** Provided material follows **

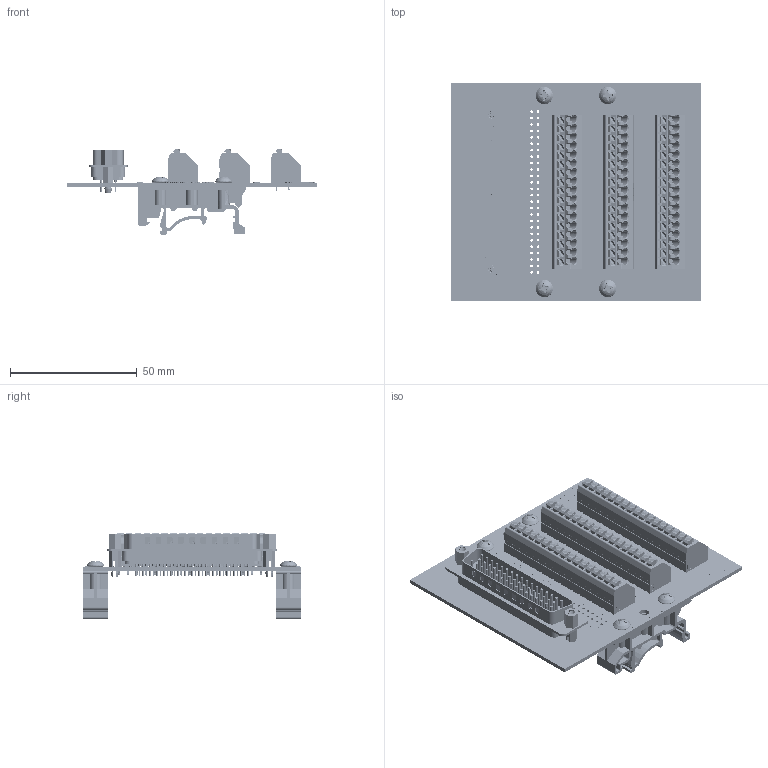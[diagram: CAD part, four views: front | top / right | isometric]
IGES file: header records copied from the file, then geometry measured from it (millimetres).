
Start section: SolidWorks IGES file using analytic representation for surfaces
Global section: file name: C:\Users\Jonny\Documents\Winford Engineering Jobs\BRKG50\BRKG50M\brkg50m-s-din_rev_a.igs; native system: SolidWorks 2017; preprocessor: SolidWorks 2017; author: Jonny; date: 171024.230117; units: inch
Bounding box: 99.06 x 86.36 x 33.67 mm (x, y, z)
Volume: 46166 mm3; surface area: 59515.7 mm2
Topology: 117 solids, 117 shells, 9926 faces, 27176 edges, 17931 vertices
Faces by surface type: plane 5478, revolution 3039, bspline 1409

** End of Provided material **

Give the entries above again exactly, minus their pictures.

[diagram: CAD part, four views: front | top / right | isometric]
IGES file: header records copied from the file, then geometry measured from it (millimetres).
Start section: SolidWorks IGES file using analytic representation for surfaces
Global section: file name: C:\Users\Jonny\Documents\Winford Engineering Jobs\BRKG50\BRKG50M\brkg50m-s-din_rev_a.igs; native system: SolidWorks 2017; preprocessor: SolidWorks 2017; author: Jonny; date: 171024.230117; units: inch
Bounding box: 99.06 x 86.36 x 33.67 mm (x, y, z)
Volume: 46166 mm3; surface area: 59515.7 mm2
Topology: 117 solids, 117 shells, 9926 faces, 27176 edges, 17931 vertices
Faces by surface type: plane 5478, revolution 3039, bspline 1409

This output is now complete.